WASHINGTON — China, India, Russia and Brazil will have a collective veto over the International Monetary Fund’s use of a $600 billion credit line under an agreement reached this week, Brazil’s representative at the institution said Friday.

The so-called BRIC nations will together have more than 15 percent of votes, the new threshold to block activation of the new credit line, said Paulo Nogueira Batista, Brazil’s executive director at the IMF.

This would put the four-nation group on par with the U.S., Japan and European countries, strengthening their influence two months after Group of 20 leaders agreed to give “underrepresented” emerging economies more clout at the IMF.

Greater formal power for BRIC countries “increases the extent to which all key players see them as crucial to consult, including the senior management of the IMF and senior policy-makers in other major economies,” Ngaire Woods, a professor of international political economy at Oxford University, said Friday. “This is just the beginning of a major reshifting of power at the IMF.”

To obtain the 15 percent of votes, the four countries will need to increase their contribution to the credit line, known as the New Arrangements to Borrow, by at least $10 billion, from the $80 billion that they have already committed.

Brazil raised its pledge to $14 billion from $10 billion Nov. 25 and Finance Minister Alexei Kudrin said Friday that Russia was in talks with the other BRIC nations on boosting funding for the IMF, without specifying what Russia would do.

The agreement on the NAB was struck after a meeting between its current 26 members and 13 potential new participants, the IMF said Nov. 24. It extends an older credit line reserved for severe crises to “as much as $600 billion” as contributing countries agreed to fold their commitments made over the past months into one pool.

The accord goes beyond a pledge by G20 leaders to contribute up to $500 billion to a credit arrangement that’s currently worth $54 billion. The worst financial crisis since the Great Depression prompted more economies to seek aid from the fund, created after World War II to help ensure the stability of the global monetary system.

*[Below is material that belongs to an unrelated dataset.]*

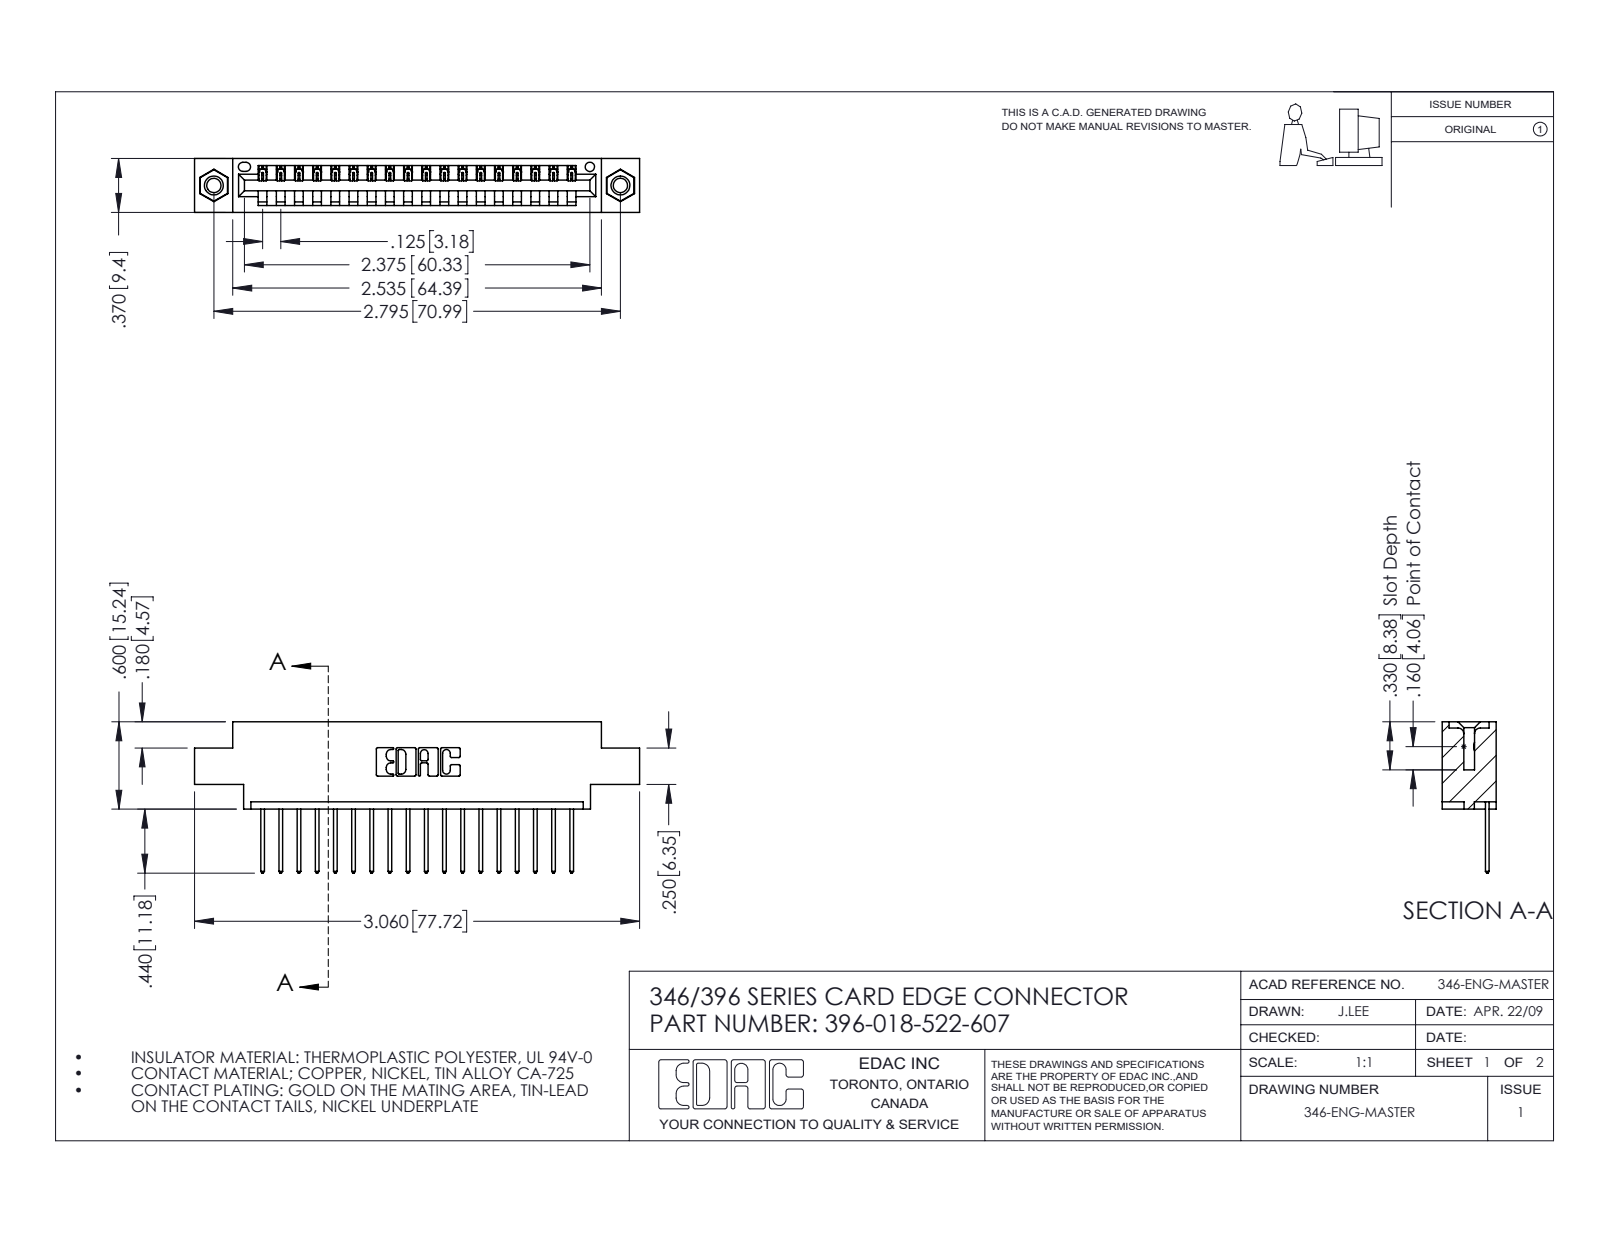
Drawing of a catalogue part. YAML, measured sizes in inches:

The agreement “formalizes something that was already beginning to occur in the last year,” Nogueira Batista said. “BRICs were increasingly becoming an effective voice in the fund and in the G20, a voice that’s being taken into account.”

The NAB agreement needs to be approved by the IMF board of executive directors and then by participating countries, and so it won’t come into effect before next year, Andrew Tweedie, who heads the IMF Finance Department, said in a Nov. 20 interview.